BEGIN Material provided

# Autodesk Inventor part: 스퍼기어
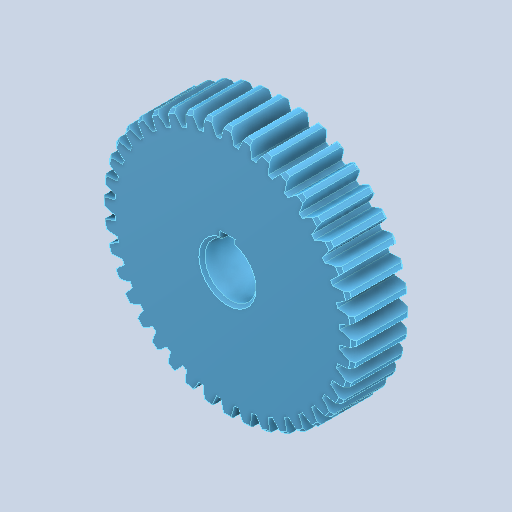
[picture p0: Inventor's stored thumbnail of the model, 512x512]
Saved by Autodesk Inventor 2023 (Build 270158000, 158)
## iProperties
Created: 2025-03
Part Number: 스퍼기어
Material: 알루미늄 6061
Document SubType Name: Modeling
Designer: Admin
Density: 2.71 g/cm^3
Appearance: 기본값
Author: jhkim
Sending System: Autodesk Inventor 2025
Preprocessor: ST-DEVELOPER v20
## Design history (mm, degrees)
feature "Solid1"
node "솔리드1"

END Material provided

| Exercise description |
Could you give the material above again, exactly and without its pictures?

| Answer section |
# Autodesk Inventor part: 스퍼기어
[picture p0: Inventor's stored thumbnail of the model, 512x512]
Saved by Autodesk Inventor 2023 (Build 270158000, 158)
## iProperties
Created: 2025-03
Part Number: 스퍼기어
Material: 알루미늄 6061
Document SubType Name: Modeling
Designer: Admin
Density: 2.71 g/cm^3
Appearance: 기본값
Author: jhkim
Sending System: Autodesk Inventor 2025
Preprocessor: ST-DEVELOPER v20
## Design history (mm, degrees)
feature "Solid1"
node "솔리드1"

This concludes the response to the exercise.